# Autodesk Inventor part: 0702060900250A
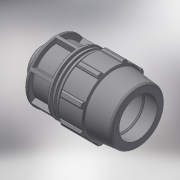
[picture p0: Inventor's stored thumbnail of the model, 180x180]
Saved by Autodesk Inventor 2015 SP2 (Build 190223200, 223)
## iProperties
Created: 2017-02
Part Number: 0702060900250A
Material: Generic
Description: PLASSON MALE ADAPTOR 90-2.1/2"
Document SubType Name: Modeling
Designer: KIM
Mass: 964.158 g
Surface Area: 1468.9 cm^2
Volume: 964.158 cm^3
Density: 1 g/cm^3
Appearance: Default
Author: KIM
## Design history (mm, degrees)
derived "87020.ipt"
feature "Solid1::87020.ipt"
tag "TaggingFeature1"
body "Solid1"
other parameters: "d4" = 32.71429, "d5" = 57.25, "d7" = 152, "d8" = 114, "d9" = 32.71429, "d11" = 6.54286, "d12" = 121.6, "d13" = 120 deg, "d14" = 117, "d15" = 6 deg, "d16" = 136.8, "d18" = 4.5, "d19" = 35 deg, "d20" = 17.5 deg, "d21" = 141.36, "d23" = 0, "d25" = 360 deg, "d27" = 3.04, "d34" = 7.6, "d36" = 0, "d42" = 68.7, "d43" = 4.56, "d46" = 2.7, "d51" = 229, "d52" = 29, "d53" = 1.8, "d55" = 360 deg, "d57" = 75.184, "d58" = 52.6288, "d59" = 45.8, "d61" = 134.064, "d62" = 3.03286, "d63" = 3.03286, "d66" = 6.06571, "E_" = 152, "H_" = 229, "l_2" = 29, "R_" = 75.184, "d60" = 15.16429
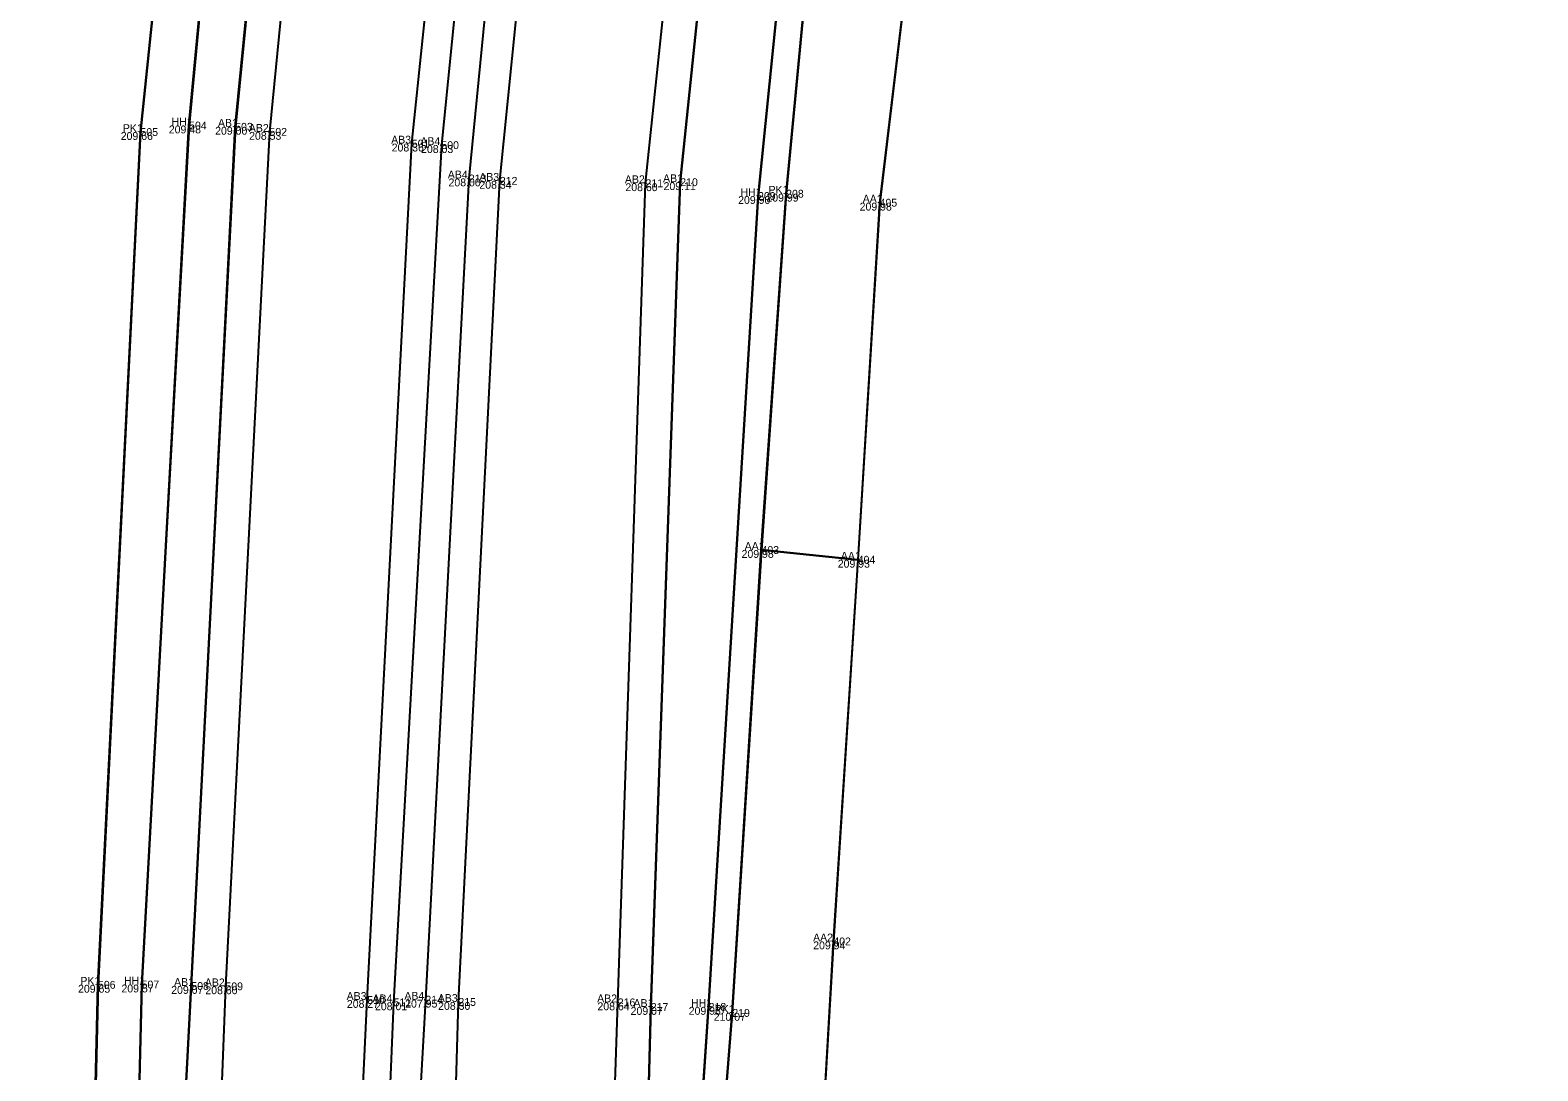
# Model space of a CAD drawing. Extents: x -263091 to -262565, y -1238731 to -1237092.
# Drawn here: x -262835.54 to -262797.21, y -1237908.46 to -1237882.03 of the extents above; entities that cross this region are included whole.
import ezdxf

# ---------------------------------------------------------------- set-up
doc = ezdxf.new("R2010")
doc.units = 0
for name, color, linetype in [('01_Hrana_betónu', 7, 'Continuous'), ('02_Oplotenie', 7, 'Continuous'), ('03_Asfalt', 7, 'Continuous'), ('05_Hrana_terénu', 7, 'Continuous'), ('Groma (21)', 7, 'Continuous'), ('Groma (22)', 7, 'Continuous'), ('Groma (23)', 7, 'Continuous'), ('Groma (24)', 7, 'Continuous'), ('U004_Asfalty', 7, 'Continuous'), ('U004_Betónové_panely', 7, 'Continuous'), ('U004_Zeleň_mimo', 7, 'Continuous'), ('U004_Zeleň_vnútro', 7, 'Continuous'), ('U004_Zeleň_zatrávňovač', 7, 'Continuous')]:
    doc.layers.add(name, color=color, linetype=linetype)

msp = doc.modelspace()

# ---------------------------------------------------------------- linework, layer by layer
at = {"layer": '01_Hrana_betónu'}
for points in [[(-262833.49, -1237932.513), (-262832.358, -1237924.572), (-262831.993, -1237918.626), (-262831.904, -1237915.074), (-262831.439, -1237906.309), (-262830.324, -1237884.482), (-262828.859, -1237869.656), (-262826.973, -1237856.487), (-262824.752, -1237845.872), (-262820.768, -1237827.409), (-262815.971, -1237805.011), (-262811.874, -1237785.528), (-262810.073, -1237767.205), (-262809.465, -1237744.209), (-262809.348, -1237719.32), (-262807.762, -1237709.127), (-262805.583, -1237701.261), (-262801.096, -1237689.829), (-262795.064, -1237676.268)], [(-262794.181, -1237676.612), (-262800.21, -1237690.201), (-262804.735, -1237701.618), (-262806.814, -1237709.415), (-262808.46, -1237719.391), (-262808.589, -1237744.23), (-262809.169, -1237767.262), (-262810.977, -1237785.858), (-262815.119, -1237805.286), (-262819.878, -1237827.449), (-262823.898, -1237846.237), (-262826.14, -1237856.747), (-262827.996, -1237869.725), (-262829.453, -1237884.611), (-262830.572, -1237906.318), (-262830.909, -1237915.064), (-262831.044, -1237918.638), (-262831.379, -1237924.623), (-262832.499, -1237932.636), (-262832.416, -1237932.646)], [(-262828.366, -1237932.946), (-262828.106, -1237929.217), (-262827.649, -1237919.578), (-262827.369, -1237915.073), (-262826.968, -1237906.664), (-262825.835, -1237884.909), (-262824.318, -1237870.338), (-262822.252, -1237856.88), (-262820.394, -1237847.242), (-262816.344, -1237828.005), (-262811.527, -1237806.128), (-262807.485, -1237786.652), (-262805.817, -1237767.526), (-262804.904, -1237743.876), (-262804.544, -1237721.54), (-262802.773, -1237710.111), (-262800.948, -1237703.699), (-262796.578, -1237692.416), (-262790.297, -1237678.834), (-262789.671, -1237677.512)], [(-262788.862, -1237677.903), (-262789.612, -1237679.5), (-262795.758, -1237692.783), (-262800.102, -1237704.105), (-262801.904, -1237710.319), (-262803.638, -1237721.631), (-262804.041, -1237743.855), (-262804.886, -1237767.666), (-262806.567, -1237786.84), (-262810.653, -1237806.707), (-262815.575, -1237828.361), (-262819.614, -1237847.41), (-262821.404, -1237856.927), (-262823.638, -1237870.532), (-262825.083, -1237884.947), (-262826.299, -1237906.725), (-262827.242, -1237929.453), (-262827.527, -1237933.008)], [(-262788.441, -1237678.106), (-262789.499, -1237680.304), (-262796.488, -1237695.789), (-262799.561, -1237704.378), (-262801.599, -1237711.648), (-262803.17, -1237722.277), (-262803.523, -1237744.912), (-262804.331, -1237767.555), (-262806.033, -1237786.907), (-262810.428, -1237808.027), (-262815.321, -1237829.941), (-262818.5, -1237845.545), (-262820.865, -1237857.635), (-262822.962, -1237871.266), (-262824.386, -1237885.795), (-262825.49, -1237906.658), (-262826.835, -1237930.337), (-262826.931, -1237933.053)], [(-262825.987, -1237933.123), (-262825.899, -1237930.36), (-262825.137, -1237919.703), (-262824.89, -1237915.193), (-262824.65, -1237906.715), (-262823.596, -1237885.855), (-262822.137, -1237871.403), (-262820.061, -1237857.781), (-262817.692, -1237845.812), (-262814.459, -1237830.149), (-262809.645, -1237808.205), (-262805.191, -1237787.117), (-262803.484, -1237767.641), (-262802.568, -1237744.998), (-262802.266, -1237722.317), (-262800.862, -1237712.121), (-262798.805, -1237704.616), (-262795.791, -1237696.17), (-262788.393, -1237679.964), (-262787.674, -1237678.477)], [(-262783.803, -1237680.361), (-262791.072, -1237697.733), (-262794.156, -1237706.196), (-262796.111, -1237713.494), (-262797.353, -1237722.795), (-262798.006, -1237745.028), (-262798.995, -1237767.834), (-262800.837, -1237788.066), (-262805.174, -1237808.895), (-262810.048, -1237831.05), (-262813.207, -1237846.368), (-262815.438, -1237858.025), (-262817.519, -1237871.503), (-262819.01, -1237885.889), (-262819.761, -1237906.843), (-262819.991, -1237915.564)], [(-262820.488, -1237916.085), (-262820.893, -1237915.574), (-262820.599, -1237906.725), (-262819.894, -1237885.916), (-262818.364, -1237871.361), (-262816.365, -1237858.042), (-262814.122, -1237846.343), (-262810.891, -1237830.85), (-262806.137, -1237808.69), (-262801.736, -1237787.923), (-262799.952, -1237767.772), (-262798.979, -1237744.912), (-262798.159, -1237722.635), (-262796.927, -1237713.21), (-262795.035, -1237705.927), (-262791.963, -1237697.425), (-262785.076, -1237681.215)]]:
    msp.add_lwpolyline(points, dxfattribs=at)
at = {"layer": '02_Oplotenie'}
for points in [[(-262834.343, -1237921.203), (-262834.024, -1237915.302), (-262833.812, -1237906.279), (-262832.732, -1237884.616), (-262831.151, -1237869.343), (-262829.251, -1237856.325), (-262826.951, -1237845.31), (-262823.094, -1237827.731), (-262817.951, -1237804.339), (-262814.023, -1237784.135), (-262812.336, -1237767.05), (-262811.754, -1237744.594), (-262811.555, -1237719.093), (-262809.863, -1237708.888), (-262807.835, -1237700.632), (-262803.244, -1237689.13), (-262797.291, -1237676.038)], [(-262782.476, -1237683.046), (-262789.338, -1237700.035), (-262791.92, -1237707.468), (-262793.68, -1237714.792), (-262794.853, -1237723.195), (-262795.698, -1237745.299), (-262796.564, -1237768.081), (-262798.719, -1237788.188), (-262802.852, -1237809.448), (-262807.527, -1237831.589), (-262810.764, -1237846.834), (-262812.842, -1237857.763), (-262814.888, -1237871.127), (-262816.319, -1237886.182), (-262816.945, -1237895.233), (-262817.687, -1237906.993), (-262818.366, -1237915.571), (-262818.764, -1237925.136)]]:
    msp.add_lwpolyline(points, dxfattribs=at)
at = {"layer": '03_Asfalt'}
for points in [[(-262777.928, -1237681.411), (-262780.531, -1237687.57), (-262782.281, -1237691.672), (-262786.624, -1237706.531), (-262791.645, -1237746.487), (-262793.969, -1237766.446), (-262796.149, -1237782.824), (-262801.035, -1237810.714), (-262803.747, -1237825.804), (-262807.32, -1237845.566), (-262809.566, -1237858.112), (-262812.403, -1237873.547), (-262813.944, -1237886.41), (-262814.5, -1237895.481), (-262816.945, -1237895.233)], [(-262814.5, -1237895.481), (-262815.119, -1237905.177), (-262816.001, -1237920.483), (-262816.76, -1237934.791)]]:
    msp.add_lwpolyline(points, dxfattribs=at)
at = {"layer": '05_Hrana_terénu'}
for points in [[(-262796.037, -1237675.468), (-262802.307, -1237689.303), (-262806.908, -1237700.928), (-262808.861, -1237708.991), (-262810.491, -1237719.246), (-262810.648, -1237744.371), (-262811.212, -1237767.185), (-262812.78, -1237784.48), (-262817.048, -1237804.549), (-262821.958, -1237827.467), (-262825.893, -1237845.536), (-262828.436, -1237856.363), (-262830.087, -1237869.518), (-262831.495, -1237884.449), (-262832.703, -1237906.272), (-262832.889, -1237914.228), (-262832.974, -1237914.835)], [(-262819.123, -1237925.833), (-262819.193, -1237924.361), (-262818.874, -1237915.472), (-262818.289, -1237906.84), (-262817.033, -1237886.241), (-262815.506, -1237871.209), (-262813.693, -1237857.604), (-262811.493, -1237846.649), (-262808.389, -1237831.401), (-262803.328, -1237809.401), (-262799.108, -1237788.219), (-262797.264, -1237767.972), (-262796.32, -1237745.233), (-262795.609, -1237723.113), (-262794.587, -1237714.488), (-262792.775, -1237707.13), (-262790.198, -1237699.936), (-262783.238, -1237683.427), (-262781.933, -1237681.667), (-262781.499, -1237681.254)]]:
    msp.add_lwpolyline(points, dxfattribs=at)
at = {"layer": 'Groma (21)'}
for centre in [(-262831.495, -1237884.449), (-262832.732, -1237884.616), (-262830.324, -1237884.482), (-262829.453, -1237884.611), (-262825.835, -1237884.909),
※ ※ ※
**DIRECTIONS FOR THIS TASK:**
Beginning with the line above that has "Description: PLASSON MALE" and going on through the line that has "doc.units = 0", retype every line exactly and add nothing else; drop the pictures.

**OUTPUT OF THE EXERCISE:**
Description: PLASSON MALE ADAPTOR 90-2.1/2"
Document SubType Name: Modeling
Designer: KIM
Mass: 964.158 g
Surface Area: 1468.9 cm^2
Volume: 964.158 cm^3
Density: 1 g/cm^3
Appearance: Default
Author: KIM
## Design history (mm, degrees)
derived "87020.ipt"
feature "Solid1::87020.ipt"
tag "TaggingFeature1"
body "Solid1"
other parameters: "d4" = 32.71429, "d5" = 57.25, "d7" = 152, "d8" = 114, "d9" = 32.71429, "d11" = 6.54286, "d12" = 121.6, "d13" = 120 deg, "d14" = 117, "d15" = 6 deg, "d16" = 136.8, "d18" = 4.5, "d19" = 35 deg, "d20" = 17.5 deg, "d21" = 141.36, "d23" = 0, "d25" = 360 deg, "d27" = 3.04, "d34" = 7.6, "d36" = 0, "d42" = 68.7, "d43" = 4.56, "d46" = 2.7, "d51" = 229, "d52" = 29, "d53" = 1.8, "d55" = 360 deg, "d57" = 75.184, "d58" = 52.6288, "d59" = 45.8, "d61" = 134.064, "d62" = 3.03286, "d63" = 3.03286, "d66" = 6.06571, "E_" = 152, "H_" = 229, "l_2" = 29, "R_" = 75.184, "d60" = 15.16429
# Model space of a CAD drawing. Extents: x -263091 to -262565, y -1238731 to -1237092.
# Drawn here: x -262835.54 to -262797.21, y -1237908.46 to -1237882.03 of the extents above; entities that cross this region are included whole.
import ezdxf

# ---------------------------------------------------------------- set-up
doc = ezdxf.new("R2010")
doc.units = 0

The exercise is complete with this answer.